Let us for a moment assume that search is the future of commercial transactions and, increasingly, consumer interaction with brands. In other words, people google stuff before they buy it, google products when they have concerns or curiosities to assuage and google for the opinions of others regarding companies, brands and products.

Critically, people are increasingly making their own editorial decisions – balancing company statements and claims with consumer opinion and feedback, from the crowdsourced feedback of tools such as Twitter through to the opinions expressed on blogs or forums such as TripAdvisor which aggregate consumer reviews. It can be hard, keeping up with these connected consumers, but many of the world’s leading companies are starting to evolve strategies to manage their role in this tide of consumer opinion and information. Those companies are already finding that getting ‘social media’ right means an increased investment in applied time – and not just at ‘Twintern’ level, either, but even (gasp!) at C level. That additional time investment is being made on the assumption that social media is a marketing tool and will therefore be taken from marketing budgets – most sensibly from advertising budgets, although there are a slew of other applications for social media (customer service, R&D etc) that would potentially spread the budget impact.

Now there’s something of an emerging punch-up over the idea of real time search – making search not only contextually accurate (I want to find what I want when I look for what I want) but placing search results in a linear context (I want to know what everyone’s saying about what interests me). That will put pressure not only to focus on techniques such as SEO (search engine optimisation) but also to keep currency – to keep being talked about and to keep driving the conversation with positive engagement. That’s going to be expensive.

And it’s going to be paid for by advertising budgets.

This piece originally appeared as one of the chucklesomely named ‘A Moment with McNabb’ columns in Campaign Middle East magazine

Mr. Futurist

Friday, July 31st, 2009

The way we talk to technology and the way we talk to each other is changing at a pace that I can only describe as frightening.

You understand, the ‘f’ word is coming from a life-long technocrat.

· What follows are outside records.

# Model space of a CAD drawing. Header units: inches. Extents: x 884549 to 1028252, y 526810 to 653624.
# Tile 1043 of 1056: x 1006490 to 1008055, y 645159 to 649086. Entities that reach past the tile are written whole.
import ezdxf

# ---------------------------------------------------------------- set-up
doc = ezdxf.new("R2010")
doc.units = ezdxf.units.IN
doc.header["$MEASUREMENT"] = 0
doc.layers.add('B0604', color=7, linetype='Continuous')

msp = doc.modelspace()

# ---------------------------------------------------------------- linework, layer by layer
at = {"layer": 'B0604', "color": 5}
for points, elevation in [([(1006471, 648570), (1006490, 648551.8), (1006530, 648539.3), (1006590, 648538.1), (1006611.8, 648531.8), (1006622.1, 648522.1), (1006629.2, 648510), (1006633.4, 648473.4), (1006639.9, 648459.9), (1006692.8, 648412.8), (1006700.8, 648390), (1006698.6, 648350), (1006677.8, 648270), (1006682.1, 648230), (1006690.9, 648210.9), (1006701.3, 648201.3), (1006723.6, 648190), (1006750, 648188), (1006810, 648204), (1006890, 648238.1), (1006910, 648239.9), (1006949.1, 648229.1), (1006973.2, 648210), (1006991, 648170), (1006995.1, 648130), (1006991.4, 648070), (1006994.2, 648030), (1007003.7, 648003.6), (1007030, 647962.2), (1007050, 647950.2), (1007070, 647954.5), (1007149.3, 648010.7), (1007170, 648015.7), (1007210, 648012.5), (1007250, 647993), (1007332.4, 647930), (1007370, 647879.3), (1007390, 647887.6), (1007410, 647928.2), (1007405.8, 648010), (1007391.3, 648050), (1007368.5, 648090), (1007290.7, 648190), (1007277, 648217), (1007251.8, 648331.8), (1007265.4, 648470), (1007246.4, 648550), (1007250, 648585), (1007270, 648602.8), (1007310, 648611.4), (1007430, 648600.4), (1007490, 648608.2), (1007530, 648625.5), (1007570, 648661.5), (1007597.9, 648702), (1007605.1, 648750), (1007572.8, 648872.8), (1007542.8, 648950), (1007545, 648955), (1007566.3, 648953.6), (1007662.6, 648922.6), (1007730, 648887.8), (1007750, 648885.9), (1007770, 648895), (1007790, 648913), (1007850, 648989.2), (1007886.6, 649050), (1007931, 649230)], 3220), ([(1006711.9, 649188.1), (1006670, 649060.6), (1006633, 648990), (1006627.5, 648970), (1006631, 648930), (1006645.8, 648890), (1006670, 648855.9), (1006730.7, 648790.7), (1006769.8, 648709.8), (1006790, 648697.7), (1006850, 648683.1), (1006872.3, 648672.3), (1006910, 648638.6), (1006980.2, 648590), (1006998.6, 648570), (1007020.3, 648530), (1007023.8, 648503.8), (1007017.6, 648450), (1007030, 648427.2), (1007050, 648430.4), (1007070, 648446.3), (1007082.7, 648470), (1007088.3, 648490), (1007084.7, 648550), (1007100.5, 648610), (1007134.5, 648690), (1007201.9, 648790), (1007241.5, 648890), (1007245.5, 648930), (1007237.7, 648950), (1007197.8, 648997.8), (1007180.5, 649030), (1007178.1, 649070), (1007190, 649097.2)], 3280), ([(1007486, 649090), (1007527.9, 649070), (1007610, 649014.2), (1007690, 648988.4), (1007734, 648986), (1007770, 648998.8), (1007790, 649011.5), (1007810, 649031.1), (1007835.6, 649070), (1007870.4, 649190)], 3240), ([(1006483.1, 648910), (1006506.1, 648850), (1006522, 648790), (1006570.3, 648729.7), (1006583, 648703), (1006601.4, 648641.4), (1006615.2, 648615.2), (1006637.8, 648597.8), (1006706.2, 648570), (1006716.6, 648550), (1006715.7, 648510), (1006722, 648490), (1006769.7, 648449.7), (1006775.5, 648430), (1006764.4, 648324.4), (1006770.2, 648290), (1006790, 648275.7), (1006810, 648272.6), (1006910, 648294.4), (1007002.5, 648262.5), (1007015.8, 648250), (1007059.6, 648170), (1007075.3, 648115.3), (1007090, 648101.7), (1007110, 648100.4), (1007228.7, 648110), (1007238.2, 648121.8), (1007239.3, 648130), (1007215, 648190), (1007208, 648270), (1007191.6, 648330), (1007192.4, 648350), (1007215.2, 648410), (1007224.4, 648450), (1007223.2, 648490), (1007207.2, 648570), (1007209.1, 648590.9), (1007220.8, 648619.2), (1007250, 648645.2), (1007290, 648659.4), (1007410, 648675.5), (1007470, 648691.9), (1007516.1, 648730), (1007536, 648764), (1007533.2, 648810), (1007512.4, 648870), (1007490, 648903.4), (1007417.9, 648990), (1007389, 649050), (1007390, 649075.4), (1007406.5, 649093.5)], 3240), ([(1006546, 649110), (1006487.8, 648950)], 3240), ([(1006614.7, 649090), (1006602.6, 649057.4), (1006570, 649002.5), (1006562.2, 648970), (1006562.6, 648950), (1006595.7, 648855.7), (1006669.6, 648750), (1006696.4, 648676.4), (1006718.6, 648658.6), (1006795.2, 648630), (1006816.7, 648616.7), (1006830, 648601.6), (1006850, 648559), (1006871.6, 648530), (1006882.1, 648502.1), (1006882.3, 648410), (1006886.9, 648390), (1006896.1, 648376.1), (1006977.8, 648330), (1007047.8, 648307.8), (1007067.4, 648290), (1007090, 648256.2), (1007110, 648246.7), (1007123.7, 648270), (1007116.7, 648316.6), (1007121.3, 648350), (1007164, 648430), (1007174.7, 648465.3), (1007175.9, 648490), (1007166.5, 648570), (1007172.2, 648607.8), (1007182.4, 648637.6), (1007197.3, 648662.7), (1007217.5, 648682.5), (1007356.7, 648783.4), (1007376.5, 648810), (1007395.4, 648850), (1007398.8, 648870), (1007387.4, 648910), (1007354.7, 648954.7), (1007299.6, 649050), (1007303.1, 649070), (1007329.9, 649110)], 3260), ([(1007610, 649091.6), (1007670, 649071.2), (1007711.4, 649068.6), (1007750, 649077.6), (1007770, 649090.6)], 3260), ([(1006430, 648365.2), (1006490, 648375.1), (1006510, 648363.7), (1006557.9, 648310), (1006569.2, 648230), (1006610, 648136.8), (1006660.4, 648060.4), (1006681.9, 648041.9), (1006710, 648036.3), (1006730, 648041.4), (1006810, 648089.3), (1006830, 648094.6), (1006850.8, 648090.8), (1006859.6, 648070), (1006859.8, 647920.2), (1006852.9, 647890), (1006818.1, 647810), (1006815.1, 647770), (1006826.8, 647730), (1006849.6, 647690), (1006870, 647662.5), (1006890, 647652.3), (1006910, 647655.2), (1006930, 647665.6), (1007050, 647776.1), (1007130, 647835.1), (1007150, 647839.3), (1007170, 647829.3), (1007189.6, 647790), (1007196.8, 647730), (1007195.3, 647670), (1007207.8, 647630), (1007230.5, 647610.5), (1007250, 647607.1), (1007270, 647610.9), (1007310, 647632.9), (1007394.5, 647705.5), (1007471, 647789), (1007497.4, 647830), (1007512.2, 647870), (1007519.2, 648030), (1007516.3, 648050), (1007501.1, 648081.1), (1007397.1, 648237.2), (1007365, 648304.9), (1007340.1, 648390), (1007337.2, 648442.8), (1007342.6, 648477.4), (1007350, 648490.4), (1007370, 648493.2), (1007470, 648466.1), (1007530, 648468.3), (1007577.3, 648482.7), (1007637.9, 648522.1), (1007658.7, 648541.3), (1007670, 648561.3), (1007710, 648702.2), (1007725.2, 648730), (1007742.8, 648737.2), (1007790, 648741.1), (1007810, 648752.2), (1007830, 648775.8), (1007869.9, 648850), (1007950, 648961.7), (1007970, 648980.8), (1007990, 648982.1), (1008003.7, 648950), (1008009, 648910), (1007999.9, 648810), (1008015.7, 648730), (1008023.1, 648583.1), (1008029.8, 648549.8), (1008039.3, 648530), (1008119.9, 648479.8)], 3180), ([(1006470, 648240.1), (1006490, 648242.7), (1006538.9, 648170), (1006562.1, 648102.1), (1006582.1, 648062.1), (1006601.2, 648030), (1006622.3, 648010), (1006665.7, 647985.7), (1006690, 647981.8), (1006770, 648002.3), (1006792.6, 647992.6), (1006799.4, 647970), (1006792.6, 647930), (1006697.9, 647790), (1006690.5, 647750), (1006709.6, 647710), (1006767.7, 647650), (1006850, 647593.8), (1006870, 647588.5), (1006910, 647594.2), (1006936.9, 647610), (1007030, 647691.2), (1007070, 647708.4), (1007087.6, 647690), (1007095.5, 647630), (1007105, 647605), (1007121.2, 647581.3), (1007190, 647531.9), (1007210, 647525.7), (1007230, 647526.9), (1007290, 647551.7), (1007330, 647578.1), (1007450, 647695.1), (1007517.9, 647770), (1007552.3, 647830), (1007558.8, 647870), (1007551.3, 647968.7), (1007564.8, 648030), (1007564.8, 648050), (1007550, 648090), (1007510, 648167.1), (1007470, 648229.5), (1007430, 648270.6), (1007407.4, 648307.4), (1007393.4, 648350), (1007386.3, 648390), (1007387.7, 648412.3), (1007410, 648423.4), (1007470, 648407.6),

Right now, we type on mobile keypads to retrieve or dial a number. We sit, fingers crashing down on nasty, analogue keys or dragging mice around in order to instruct our machines to do stuff or to send text to each other. But innovations afoot today are going to change the entire nature of our relationship with enabling technologies.

The keyboard will be a thing of the past in a few years’ time – we’ll use voice and hand movements to manipulate systems and objects on screens, walls or other surfaces. We’ll be able to take our ‘stuff’ and deposit it wherever we want – on walls, products, bulletin boards or public places (‘digital graffiti’ will become a problem) or add stuff from those places to our stuff if we want. We’ll be able to interface to systems and query them about products in supermarkets or people, to send messages or update friends or special interest groups which we belong to with new information. We’ll get used to a world where everyone, potentially, knows everything – and where consumers can access peer reviews, scientific information, manufacturer claims and third party viewpoints at any time.

We’re going to share video and voice more than text – we’re going to become digitally tactile and our world is going to be based on streams of information served up to us through ‘real-world’ interfaces to information networks. We’ll likely access all of that through one ‘network device’ which will be camera, credit card, database access tool, megaphone and information system all in one.

It’ll be smaller than today’s mobile phones.

The totally empowered consumer will be a result – a process that is also evident in the way today’s markets are changing. The game is about putting the right information in people’s hands when they want it – reliable, believable, credible information. Even today, as we look at this brave new future world, consumers are increasingly information-centric.

And they’re already buying the steak, not the sizzle.